***** Data excerpts

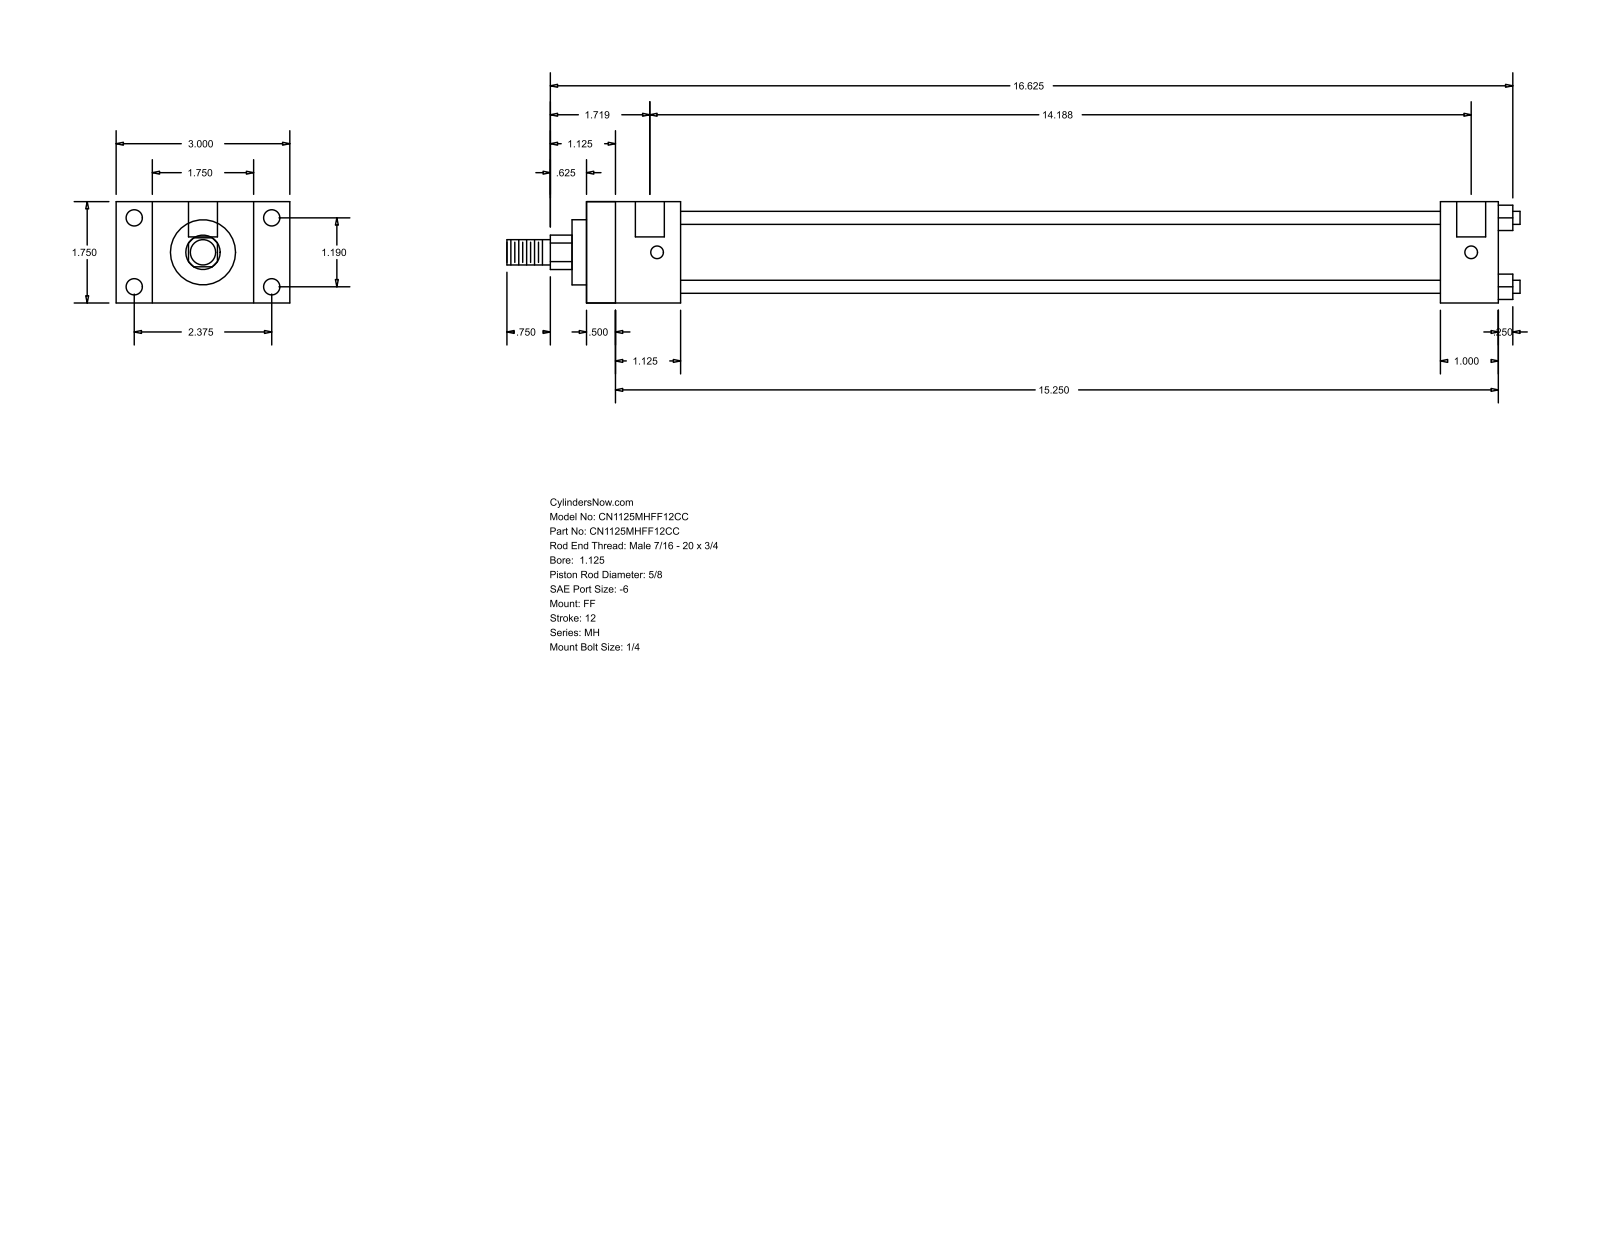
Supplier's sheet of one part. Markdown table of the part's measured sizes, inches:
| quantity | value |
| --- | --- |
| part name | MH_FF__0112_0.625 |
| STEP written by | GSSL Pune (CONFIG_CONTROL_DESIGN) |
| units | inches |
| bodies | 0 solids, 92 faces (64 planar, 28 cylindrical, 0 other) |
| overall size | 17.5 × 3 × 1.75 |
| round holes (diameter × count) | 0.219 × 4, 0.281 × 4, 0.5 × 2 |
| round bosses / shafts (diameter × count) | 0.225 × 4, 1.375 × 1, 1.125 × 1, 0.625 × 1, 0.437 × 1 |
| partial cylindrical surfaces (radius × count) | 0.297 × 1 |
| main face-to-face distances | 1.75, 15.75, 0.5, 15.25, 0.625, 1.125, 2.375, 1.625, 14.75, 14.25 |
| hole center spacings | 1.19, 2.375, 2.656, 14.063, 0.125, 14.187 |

**********

▸ Task instructions:
Give the number of lines in the records that contain the string "diameter", with no other output.

▸ Answer space:
2